A number of inherited and acquired disorders of blood vessels and their supporting connective tissues result in pathologic bleeding. Hereditary hemorrhagic telangiectasia (Rendu-Osler-Weber disease) is an autosomal dominant condition characterized by localized dilation of capillaries and venulae of the skin and mucous membranes. The lesions increase in size and number over a period of decades, often leading to profuse bleeding.
Several inherited vascular disorders are associated with hemorrhage.
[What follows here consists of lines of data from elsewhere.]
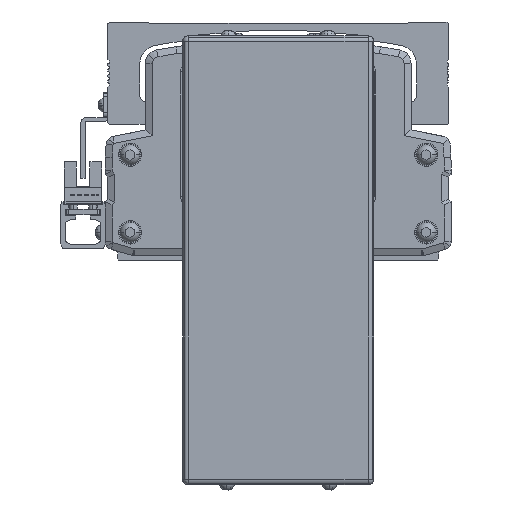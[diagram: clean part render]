
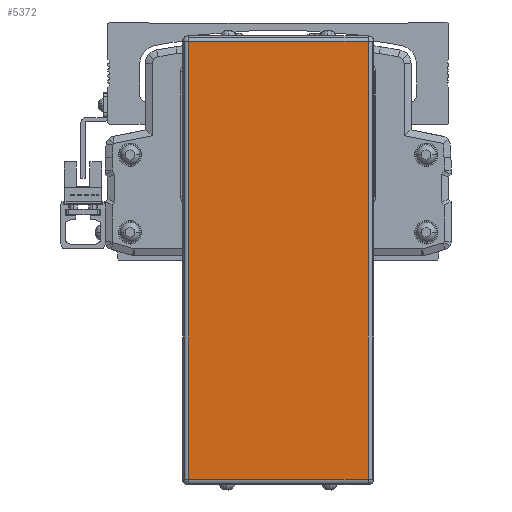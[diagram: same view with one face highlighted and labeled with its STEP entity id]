
A CAD part, front view. The second image highlights one B-rep face of the part: STEP entity #5372.
In plain terms, the highlighted planar face has unit normal (0, -1, 0).
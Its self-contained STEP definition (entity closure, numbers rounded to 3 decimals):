
#5372=ADVANCED_FACE('',(#11741),#11742,.T.);
#11741=FACE_OUTER_BOUND('',#20009,.T.);
#11742=PLANE('',#20010);
#20009=EDGE_LOOP('',(#36348,#36349,#36350,#36351));
#20010=AXIS2_PLACEMENT_3D('',#36352,#36353,#36354);
#36348=ORIENTED_EDGE('',*,*,#52572,.F.);
#36349=ORIENTED_EDGE('',*,*,#50989,.F.);
#36350=ORIENTED_EDGE('',*,*,#50346,.F.);
#36351=ORIENTED_EDGE('',*,*,#52573,.F.);
#36352=CARTESIAN_POINT('',(-299.996,-38.778,-49.1));
#36353=DIRECTION('',(0.,-1.0,0.));
#36354=DIRECTION('',(1.0,0.,0.));
#50346=EDGE_CURVE('',#61694,#61839,#61840,.T.);
#50989=EDGE_CURVE('',#61839,#62771,#62772,.T.);
#52572=EDGE_CURVE('',#62771,#64923,#64924,.T.);
#52573=EDGE_CURVE('',#64923,#61694,#64925,.T.);
#61694=VERTEX_POINT('',#77461);
#61839=VERTEX_POINT('',#77664);
#61840=LINE('',#77665,#77666);
#62771=VERTEX_POINT('',#79063);
#62772=LINE('',#79064,#79065);
#64923=VERTEX_POINT('',#82258);
#64924=LINE('',#82259,#82260);
#64925=LINE('',#82261,#82262);
#77461=CARTESIAN_POINT('',(-332.496,-38.778,-128.2));
#77664=CARTESIAN_POINT('',(-332.496,-38.778,30.));
#77665=CARTESIAN_POINT('',(-332.496,-38.778,-49.1));
#77666=VECTOR('',#91250,10.0);
#79063=CARTESIAN_POINT('',(-267.496,-38.778,30.));
#79064=CARTESIAN_POINT('',(-299.996,-38.778,30.));
#79065=VECTOR('',#91996,10.0);
#82258=CARTESIAN_POINT('',(-267.496,-38.778,-128.2));
#82259=CARTESIAN_POINT('',(-267.496,-38.778,-49.1));
#82260=VECTOR('',#93872,10.0);
#82261=CARTESIAN_POINT('',(-299.996,-38.778,-128.2));
#82262=VECTOR('',#93873,10.0);
#91250=DIRECTION('',(0.0,0.,1.0));
#91996=DIRECTION('',(1.0,0.,0.));
#93872=DIRECTION('',(0.0,0.,-1.0));
#93873=DIRECTION('',(-1.0,0.,0.));
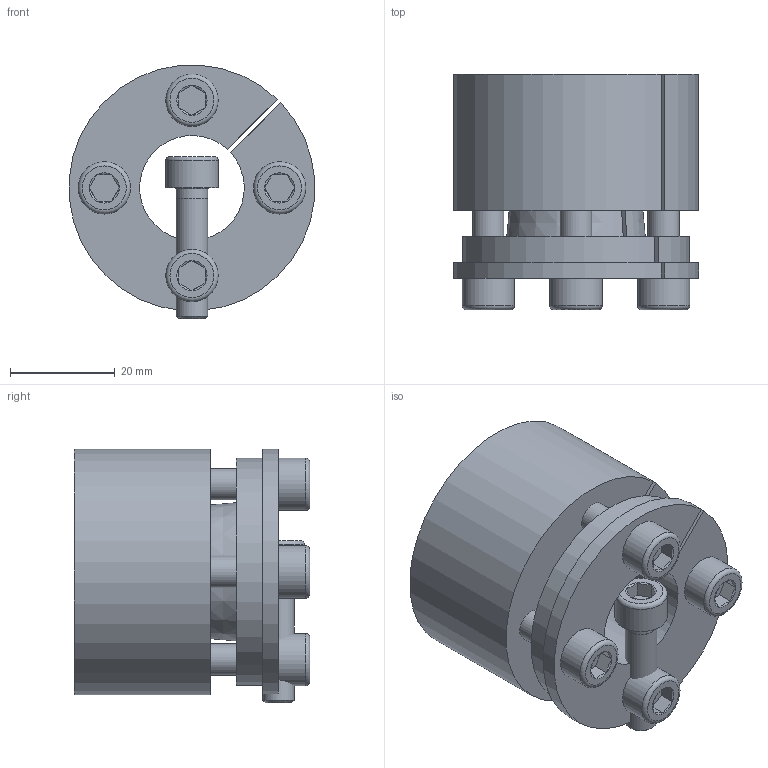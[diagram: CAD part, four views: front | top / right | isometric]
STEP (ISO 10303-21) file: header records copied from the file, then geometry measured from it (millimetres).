
FILE_DESCRIPTION( ( 'Unknown' ), '1' );
FILE_NAME( 'C:/Dokumente und Einstellungen/Sven/Desktop/homepage/cad - homepage/KBS70/KBS 70 - 20 x 47.stp', 'Unknown', ( 'Unknown' ), ( 'Unknown' ), 'XStep 1.0', 'Unknown', ' ' );
FILE_SCHEMA( ( 'automotive_design' ) );
Length unit declared in the file: millimetre
Products named in the file (3): Assem1; KBS 70 - 20 x 47; ISO EN DIN 4762 M6x25
Bounding box: 46.86 x 45 x 48.44 mm (x, y, z)
Volume: 93040.7 mm3; surface area: 36371.7 mm2
Topology: 7 solids, 7 shells, 169 faces, 347 edges, 212 vertices
Faces by surface type: plane 76, cylinder 44, cone 39, torus 10
Full cylindrical faces by diameter (mm): 5 x5, 6 x26, 10 x5
Entity records: 1522 total; most frequent: CARTESIAN_POINT 261, DIRECTION 228, ORIENTED_EDGE 174, AXIS2_PLACEMENT_3D 98, EDGE_CURVE 87, EDGE_LOOP 82, VERTEX_POINT 63, FACE_OUTER_BOUND 61

Ehlers-Danlos syndrome is characterized by hyperplastic fragile skin and hyperextensible joints; it is dominantly inherited. In osteogenesis imperfecta, also a dominant disorder, bone fractures and otosclerosis (leading to deafness) are common. In both conditions, easy bruising and hematomas are common. Pseudoxanthoma elasticum, a recessive disorder, is much rarer but is often complicated by gastrointestinal hemorrhage. Marfan syndrome is sometimes associated with mild bleeding as well as with aortic dissection.
Scurvy, the result of severe ascorbic acid deficiency, is associated with marked vascular fragility and hemorrhagic manifestations resulting from abnormal synthesis of collagen. In addition to the classic findings of perifollicular petechiae and gingival bleeding, intradermal, intramuscular, and subperiosteal hemorrhages are common. Amyloidosis is another acquired disorder in which petechiae and purpura are common.